WOW. September 23! What happened? I think its should still be March. Perhaps it was all a dream?
I know that I have not updated this page in a long time, and that the whole title of The Daily Rant is a sham, but not much has happened since the Vancouver bumpercars incident.
So what I am going to share with you are some of the least popular ideas that I brought forth in my previous life at UCFV. These things are seemingly benign, but you would not believe the adamant beliefs that certain persons (UCFV personalities) hold on these subjects. An open mind is always a good thing, and a closed mouth gathers no feet.
I have previously been vilified and mocked for my beliefs about the phenomenon known as breakfast. Lets pretend for the moment that you have slept in. It is around 1:00 in the afternoon. You get up, go downstairs (or for me now, I go about two feet) and get something to eat. What is this meal called? Breakfast? Lunch? A snack?
I hold the vastly unpopular view that this in fact NOT breakfast. LOOK, you have missed the time when normal people eat breakfast. You are now eating lunch, and your next big meal (not snacks…. a meal) will be called dinner. On the occasion of THIS morning you did not have breakfast. Simply calling the first meal of the day : BREAKFAST is pandering to those who call it the “most important meal of the day”. You are all simply giving in to an age old information campaign. SHAME!!
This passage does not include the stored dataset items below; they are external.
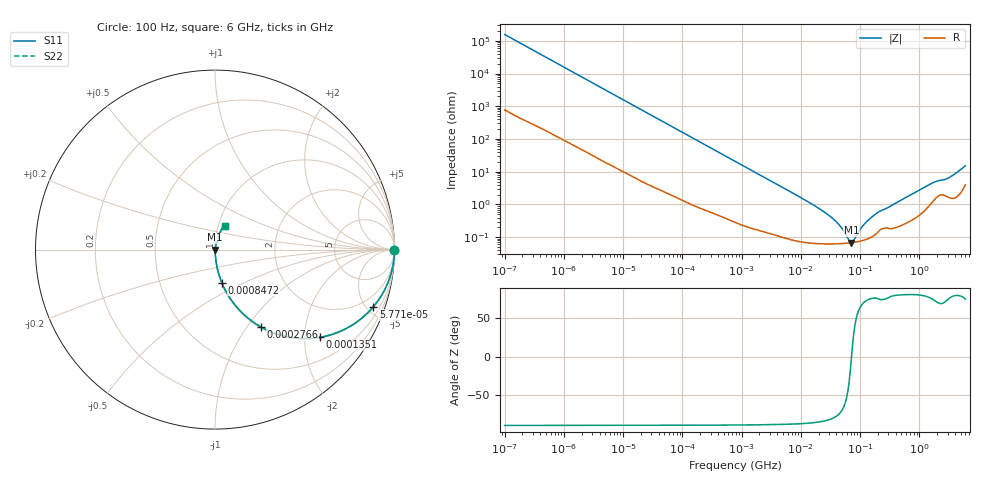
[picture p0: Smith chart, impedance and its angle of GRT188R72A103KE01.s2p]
!Murata Part Number: GRT188R72A103KE01
!These Parameters are Measured in Series Mode Connection
!Data Generated on Jun 19, 2026
!  o--ll--o
!Port1  Port2
!  o------o
!Operation Temp=25[degC], DC Bias Voltage=0[V]
!Freq. Start=100[Hz] Stop=6[GHz] 401[Steps]
# Hz S RI R 50
!Freq.(Hz) S11(Real) S11(Imag) S21(Real) S21(Imag) S12(Real) S12(Imag) S22(Real) S22(Imag)
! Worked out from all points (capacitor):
!   401 points, 100 Hz to 6 GHz, reference 50 ohm
!   read as one part in series: C = 10.2 nF near 109 Hz
!   lowest |Z| = 68 mohm at 71.29 MHz (marker M1)
!   series resonance near 71.8 MHz, so ESL is about 480 pH
!   S11 on the Smith chart (normalised r, x): 100 Hz: open; 57.71 kHz: 1.04, -5.53; 135.1 kHz: 1.02, -2.37; 276.6 kHz: 1.01, -1.16; 847.2 kHz: 1.01, -0.38; 6 GHz: 1.08, +0.29
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100  1 -0.000642  3.6e-06 0.000642  3.6e-06 0.000642  1 -0.000642
2008  0.9998 -0.0128  0.00024 0.0128  0.00024 0.0128  0.9998 -0.0128
12041  0.9938 -0.0754  0.00621 0.0754  0.00621 0.0754  0.9938 -0.0754
40335  0.9382 -0.2371  0.0618 0.2371  0.0618 0.2371  0.9382 -0.2371
57709  0.8824 -0.3183  0.1176 0.3183  0.1176 0.3183  0.8824 -0.3183
135116  0.5837 -0.4886  0.4163 0.4886  0.4163 0.4886  0.5837 -0.4886
276587  0.2549 -0.4306  0.7451 0.4306  0.7451 0.4306  0.2549 -0.4306
774597  0.0444 -0.1993  0.9556 0.1993  0.9556 0.1993  0.0444 -0.1993
847162  0.0377 -0.1836  0.9623 0.1836  0.9623 0.1836  0.0377 -0.1836
2713602  0.00496 -0.0598  0.995 0.0598  0.995 0.0598  0.00496 -0.0598
1.555665e7  0.000756 -0.0101  0.9992 0.0101  0.9992 0.0101  0.000756 -0.0101
3.80911e7  0.000637 -0.00312  0.9994 0.00312  0.9994 0.00312  0.000637 -0.00312
6.518806e7  0.000666 -0.000445  0.9993 0.000445  0.9993 0.000445  0.000666 -0.000445
7.129496e7  0.000679 -3.21e-05  0.9993 3.21e-05  0.9993 3.21e-05  0.000679 -3.21e-05
7.797396e7  0.000694 0.000381  0.9993 -0.000381  0.9993 -0.000381  0.000694 0.000381
1.066761e8  0.000782 0.00187  0.9992 -0.00187  0.9992 -0.00187  0.000782 0.00187
1.395531e8  0.000924 0.00329  0.9991 -0.00329  0.9991 -0.00329  0.000924 0.00329
1.996653e8  0.00146 0.00552  0.9985 -0.00552  0.9985 -0.00552  0.00146 0.00552
3.124326e8  0.0019 0.00822  0.9981 -0.00822  0.9981 -0.00822  0.0019 0.00822
1.565993e9  0.012 0.0408  0.988 -0.0408  0.988 -0.0408  0.012 0.0408
3.065283e9  0.0199 0.0591  0.9801 -0.0591  0.9801 -0.0591  0.0199 0.0591
6e9  0.0572 0.1333  0.9428 -0.1333  0.9428 -0.1333  0.0572 0.1333
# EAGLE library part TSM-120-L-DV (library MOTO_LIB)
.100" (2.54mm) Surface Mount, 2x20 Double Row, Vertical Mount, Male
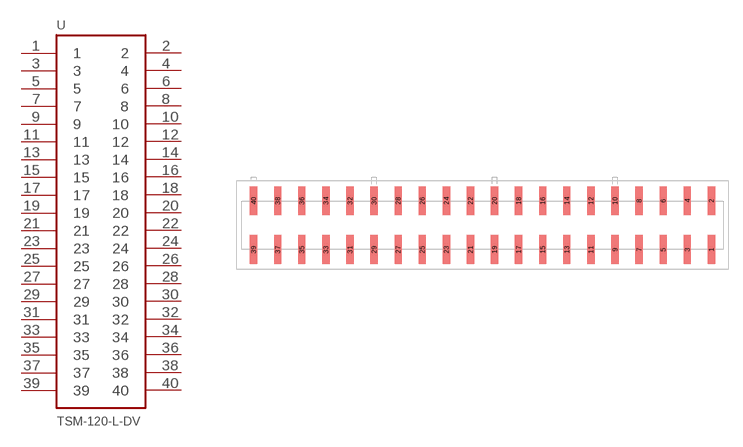
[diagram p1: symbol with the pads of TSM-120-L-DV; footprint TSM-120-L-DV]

Designator prefix -

## TSM-120-L-DV (MPN: ASP-193073-01; SUPPLIER: SAMTEC)  [TSM-120-L-DV]
1  1
2  2
3  3
4  4
5  5
6  6
7  7
8  8
9  9
10  10
11  11
12  12
13  13
14  14
15  15
16  16
17  17
18  18
19  19
20  20
21  21
22  22
23  23
24  24
25  25
26  26
27  27
28  28
29  29
30  30
31  31
32  32
33  33
34  34
35  35
36  36
37  37
38  38
39  39
40  40

## Footprint TSM-120-L-DV (pad centres in mm)
.100" (2,54mm) Surface Mount, Double Row, Vertical Mount. manufacturer:SAMTEC
smd 0.77 x 3.041: 1 24.13,-2.577; 2 24.13,2.577; 3 21.59,-2.577; 4 21.59,2.577; 5 19.05,-2.577; 6 19.05,2.577; 7 16.51,-2.577; 8 16.51,2.577; 9 13.97,-2.577; 10 13.97,2.577; 11 11.43,-2.577; 12 11.43,2.577; 13 8.89,-2.577; 14 8.89,2.577; 15 6.35,-2.577; 16 6.35,2.577; 17 3.81,-2.577; 18 3.81,2.577; 19 1.27,-2.577; 20 1.27,2.577; 21 -1.27,-2.577; 22 -1.27,2.577; 23 -3.81,-2.577; 24 -3.81,2.577; 25 -6.35,-2.577; 26 -6.35,2.577; 27 -8.89,-2.577; 28 -8.89,2.577; 29 -11.43,-2.577; 30 -11.43,2.577; 31 -13.97,-2.577; 32 -13.97,2.577; 33 -16.51,-2.577; 34 -16.51,2.577; 35 -19.05,-2.577; 36 -19.05,2.577; 37 -21.59,-2.577; 38 -21.59,2.577; 39 -24.13,-2.577; 40 -24.13,2.577
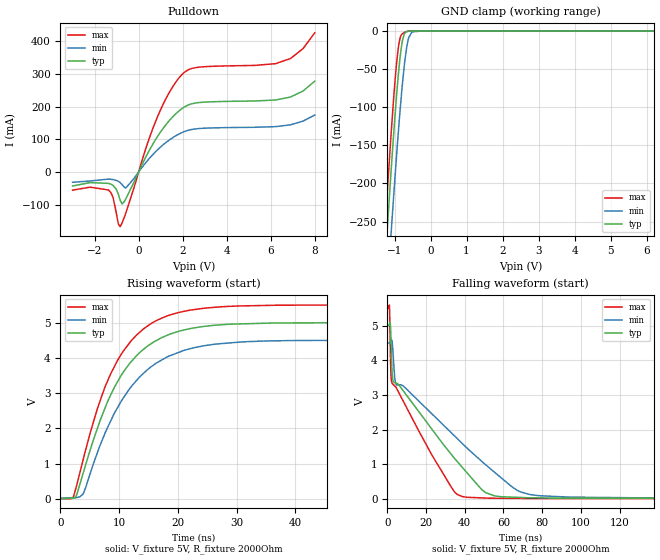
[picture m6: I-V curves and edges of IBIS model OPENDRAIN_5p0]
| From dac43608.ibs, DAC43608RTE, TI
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|   OPENDRAIN_5p0 Model
[Model]   OPENDRAIN_5p0
Model_type   I/O_open_drain
Polarity   Non-Inverting
Enable   Active-Low
Vinl = 0.5
Vinh = 2.4
Vmeas = 2.5
Vref = 5
Cref = 2pF
Rref = 2000
|   typ   min   max
C_comp   1.041E-12   1.022E-12   1.061E-12
|  Where Nom  PVT is Nominal Process, 5.0V,   25C
|   Fast PVT is Strong Process,  5.5V,  -40C
|   Slow PVT is Weak Process,   4.5V,  125C
[Voltage Range]   5   4.5   5.5
|Junction Temperature
[Temperature Range]   25   125   -40
[Pullup Reference]   5   4.5   5.5
[Pulldown Reference]   0   0   0
[Power Clamp Reference]   5   4.5   5.5
[GND Clamp Reference]   0   0   0
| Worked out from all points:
|   slope of the pulldown table from 0 to 0.75 V, typ, clamps not added: 7.74 ohm
|   GND clamp passes 1 mA (typ) near -0.67 V on its own axis
|   falling waveform, V_fixture 5V, R_fixture 2000Ohm: 20-80 % time 35ns typ, 48.6ns min, 23.3ns max; typ from 5 V to 0.017 V
|   rising waveform, V_fixture 5V, R_fixture 2000Ohm: 20-80 % time 8.28ns typ, 8.97ns min, 7.82ns max; typ from 0.017 V to 5 V
[Pulldown]
|   Voltage   I(typ)   I(min)   I(max)
-3V       -42.86mA   -31.34mA   -55.38mA
-1.372V   -34.69mA   -21.67mA   -54.81mA
-1.163V   -40.81mA   -23.12mA   -77.68mA
-833mV    -87.13mA   -32.75mA   -166.3mA
-580mV    -81.83mA   -48.64mA   -125.1mA
740mV     95.82mA    59.81mA    149.2mA
1.356V    154mA      95.98mA    238.5mA
1.983V    194.4mA    120.8mA    298.6mA
2.742V    212.1mA    132.7mA    320.1mA
6.218V    219.9mA    138.5mA    330.9mA
6.911V    229.5mA    144.4mA    347.2mA
8V        277.4mA    174mA      425.1mA
[GND Clamp]
|   Voltage   I(typ)   I(min)   I(max)
-3V       -1.649A    -1.642A    -1.661A
-1.339V   -363mA     -440.9mA   -317.8mA
-1.185V   -248mA     -328.9mA   -200.1mA
-1.086V   -177.3mA   -259mA     -129mA
-998mV    -118.4mA   -199.2mA   -72.22mA
-921mV    -72.04mA   -149.5mA   -32.41mA
-866mV    -43.76mA   -116.1mA   -13.62mA
-811mV    -21.67mA   -85.11mA   -5.256mA
-723mV    -3.389mA   -43.04mA   -1.781mA
-613mV    -216.3uA   -10.15mA   -266.7uA
-514mV    -18.89uA   -1.076mA   -21.66uA
8V        0A         0A         0A
[POWER Clamp]
|   Voltage   I(typ)   I(min)   I(max)
-3V       0A         0A         0A
0V        0A         0A         0A
8V        0A         0A         0A
[Ramp]
R_load = 2000
|   typ   min   max
dV/dt_r   2.98997/8.25972e-09   2.68553/8.9474e-09   3.29296/7.80264e-09
dV/dt_f   2.98997/3.49987e-08   2.68553/4.86978e-08   3.29296/2.31848e-08
[Falling Waveform]
V_fixture = 5V
V_fixture_min = 4.5V
V_fixture_max = 5.5V
R_fixture = 2000Ohm
C_fixture = 0F
|   Time   V(typ)   V(min)   V(max)
0s        5V         4.5V       5.5V
1.084ns   5.046V     4.502V     5.582V
1.766ns   4.802V     4.559V     3.752V
2.449ns   3.673V     4.555V     3.345V
4.456ns   3.349V     3.317V     3.225V
32.99ns   1.295V     1.916V     352mV
38.8ns    912mV      1.6V       73.15mV
50.75ns   186.3mV    993.1mV    30.14mV
78.54ns   34.78mV    97.48mV    16.27mV
500ns     16.72mV    24.11mV    11.72mV
[Rising Waveform]
V_fixture = 5V
V_fixture_min = 4.5V
V_fixture_max = 5.5V
R_fixture = 2000Ohm
C_fixture = 0F
|   Time   V(typ)   V(min)   V(max)
0s        16.72mV    24.11mV    11.72mV
2.178ns   26.72mV    34.51mV    56.57mV
2.745ns   113.2mV    40.06mV    375.1mV
3.82ns    705mV      139.3mV    1.083V
6.252ns   1.981V     1.297V     2.538V
7.828ns   2.675V     1.955V     3.268V
12.06ns   3.894V     3.186V     4.486V
18.29ns   4.647V     4.036V     5.194V
27.25ns   4.936V     4.402V     5.446V
500ns     5V         4.5V       5.5V

Another unpopular idea that I unveiled one day was that corn will taste the same whether it is eaten on or off of the cob from which it came. I did not think that this was a wild and crazy idea, but it became immediately obvious that I was a revolutionary. A true trendsetter before my time. Even though I still posess ALL of my own teeth, I actually cut the corn off of the cob before I eat it. This has given rise to considerable quantity of mocking of unparalled dimentions, from my parents and my peers. Apparently, I am missing out on the whole EXPERIENCE of eating corn. I maintain that the corn one eats on the cob is much the same as the corn one eats off of it. So sue me.
I have probably gotten you all riled up about these positions on such delicate subject matter. I have had intense discussions about this, and have had very few people agree with my positions. I have even been persecuted for my beliefs by those who, at the time, had significant enough influence upon me to do so.
Now is probably not a good time to point out that I generally eat pizza with a fork.